● **Task**: Every line of the following records that includes "units" should be copied.

● **Stored data**:
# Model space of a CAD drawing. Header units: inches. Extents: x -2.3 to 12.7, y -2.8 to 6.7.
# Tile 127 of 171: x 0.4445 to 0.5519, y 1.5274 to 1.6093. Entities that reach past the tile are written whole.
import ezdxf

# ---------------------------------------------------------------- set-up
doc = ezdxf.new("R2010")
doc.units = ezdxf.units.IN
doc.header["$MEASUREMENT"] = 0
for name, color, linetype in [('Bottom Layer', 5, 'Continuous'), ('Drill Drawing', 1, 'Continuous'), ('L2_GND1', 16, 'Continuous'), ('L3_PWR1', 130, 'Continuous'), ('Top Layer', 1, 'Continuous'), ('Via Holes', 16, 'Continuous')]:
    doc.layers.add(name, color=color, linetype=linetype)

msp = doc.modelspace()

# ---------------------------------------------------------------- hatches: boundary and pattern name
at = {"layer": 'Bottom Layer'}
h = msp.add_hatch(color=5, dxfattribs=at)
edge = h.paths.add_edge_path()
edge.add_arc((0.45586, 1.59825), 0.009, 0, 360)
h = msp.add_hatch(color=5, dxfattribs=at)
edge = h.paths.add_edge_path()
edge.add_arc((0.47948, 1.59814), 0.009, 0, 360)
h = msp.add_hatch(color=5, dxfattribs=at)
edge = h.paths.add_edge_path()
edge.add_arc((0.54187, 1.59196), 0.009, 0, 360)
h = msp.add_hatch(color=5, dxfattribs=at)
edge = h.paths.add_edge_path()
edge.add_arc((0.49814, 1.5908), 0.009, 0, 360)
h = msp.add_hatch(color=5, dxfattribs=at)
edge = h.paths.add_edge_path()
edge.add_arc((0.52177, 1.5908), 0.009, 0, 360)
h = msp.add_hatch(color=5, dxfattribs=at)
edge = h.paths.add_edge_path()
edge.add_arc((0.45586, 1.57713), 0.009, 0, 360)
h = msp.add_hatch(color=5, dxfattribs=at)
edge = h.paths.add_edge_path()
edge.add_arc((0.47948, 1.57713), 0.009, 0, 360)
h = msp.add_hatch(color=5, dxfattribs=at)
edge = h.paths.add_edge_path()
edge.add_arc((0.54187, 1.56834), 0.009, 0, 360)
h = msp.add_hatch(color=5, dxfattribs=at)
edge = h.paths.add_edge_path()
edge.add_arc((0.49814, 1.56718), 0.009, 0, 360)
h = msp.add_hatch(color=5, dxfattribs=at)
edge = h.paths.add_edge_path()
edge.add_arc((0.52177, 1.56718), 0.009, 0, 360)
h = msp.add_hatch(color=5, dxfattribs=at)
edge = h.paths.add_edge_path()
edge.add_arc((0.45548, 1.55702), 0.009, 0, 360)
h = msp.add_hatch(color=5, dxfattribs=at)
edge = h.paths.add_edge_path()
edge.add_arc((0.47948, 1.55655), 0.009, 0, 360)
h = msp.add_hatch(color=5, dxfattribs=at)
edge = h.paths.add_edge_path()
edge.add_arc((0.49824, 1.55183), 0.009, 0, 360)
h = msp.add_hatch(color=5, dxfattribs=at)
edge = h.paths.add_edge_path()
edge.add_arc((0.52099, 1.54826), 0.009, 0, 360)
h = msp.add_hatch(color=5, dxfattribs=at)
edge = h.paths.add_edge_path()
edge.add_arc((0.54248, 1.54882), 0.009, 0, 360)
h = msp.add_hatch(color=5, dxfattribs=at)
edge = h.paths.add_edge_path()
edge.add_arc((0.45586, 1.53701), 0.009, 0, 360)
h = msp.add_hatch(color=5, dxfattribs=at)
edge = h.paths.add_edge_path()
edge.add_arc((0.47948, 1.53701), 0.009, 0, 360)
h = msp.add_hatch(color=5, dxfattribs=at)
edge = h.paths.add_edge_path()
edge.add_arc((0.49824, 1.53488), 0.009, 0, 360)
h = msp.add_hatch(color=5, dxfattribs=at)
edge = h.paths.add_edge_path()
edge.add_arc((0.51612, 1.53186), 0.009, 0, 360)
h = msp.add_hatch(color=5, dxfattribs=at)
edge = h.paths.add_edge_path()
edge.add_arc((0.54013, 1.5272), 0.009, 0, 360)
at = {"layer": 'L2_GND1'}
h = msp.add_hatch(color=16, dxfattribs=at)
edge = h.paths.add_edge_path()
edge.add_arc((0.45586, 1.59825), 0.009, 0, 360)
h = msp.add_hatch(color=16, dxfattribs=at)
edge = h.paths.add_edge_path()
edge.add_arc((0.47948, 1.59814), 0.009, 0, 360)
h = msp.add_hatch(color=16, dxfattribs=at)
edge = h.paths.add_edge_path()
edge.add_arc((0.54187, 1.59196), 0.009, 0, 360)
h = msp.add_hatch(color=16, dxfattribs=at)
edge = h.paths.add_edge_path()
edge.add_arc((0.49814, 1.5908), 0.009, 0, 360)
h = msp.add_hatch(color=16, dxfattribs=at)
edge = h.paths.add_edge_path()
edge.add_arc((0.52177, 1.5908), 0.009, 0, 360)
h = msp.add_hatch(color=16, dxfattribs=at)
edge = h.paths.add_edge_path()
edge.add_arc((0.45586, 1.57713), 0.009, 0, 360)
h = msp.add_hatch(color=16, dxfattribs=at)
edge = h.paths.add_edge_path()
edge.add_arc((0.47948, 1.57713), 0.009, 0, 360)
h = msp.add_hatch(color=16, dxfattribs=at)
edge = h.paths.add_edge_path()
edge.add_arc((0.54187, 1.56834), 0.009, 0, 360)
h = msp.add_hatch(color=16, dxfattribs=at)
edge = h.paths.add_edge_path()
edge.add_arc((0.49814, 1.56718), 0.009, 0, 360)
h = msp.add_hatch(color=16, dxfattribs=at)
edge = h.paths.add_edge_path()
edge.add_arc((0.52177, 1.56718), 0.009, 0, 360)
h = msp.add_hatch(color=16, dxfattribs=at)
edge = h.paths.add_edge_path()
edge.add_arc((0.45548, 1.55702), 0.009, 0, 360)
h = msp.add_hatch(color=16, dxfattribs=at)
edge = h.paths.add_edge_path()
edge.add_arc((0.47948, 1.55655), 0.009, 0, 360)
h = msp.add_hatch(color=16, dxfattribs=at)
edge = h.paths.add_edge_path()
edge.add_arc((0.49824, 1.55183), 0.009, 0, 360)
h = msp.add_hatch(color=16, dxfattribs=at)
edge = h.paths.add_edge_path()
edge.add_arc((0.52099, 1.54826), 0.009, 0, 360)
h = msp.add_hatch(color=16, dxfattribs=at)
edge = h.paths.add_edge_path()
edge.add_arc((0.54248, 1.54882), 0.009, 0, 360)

● **Exercise output**:
# Model space of a CAD drawing. Header units: inches. Extents: x -2.3 to 12.7, y -2.8 to 6.7.
doc.units = ezdxf.units.IN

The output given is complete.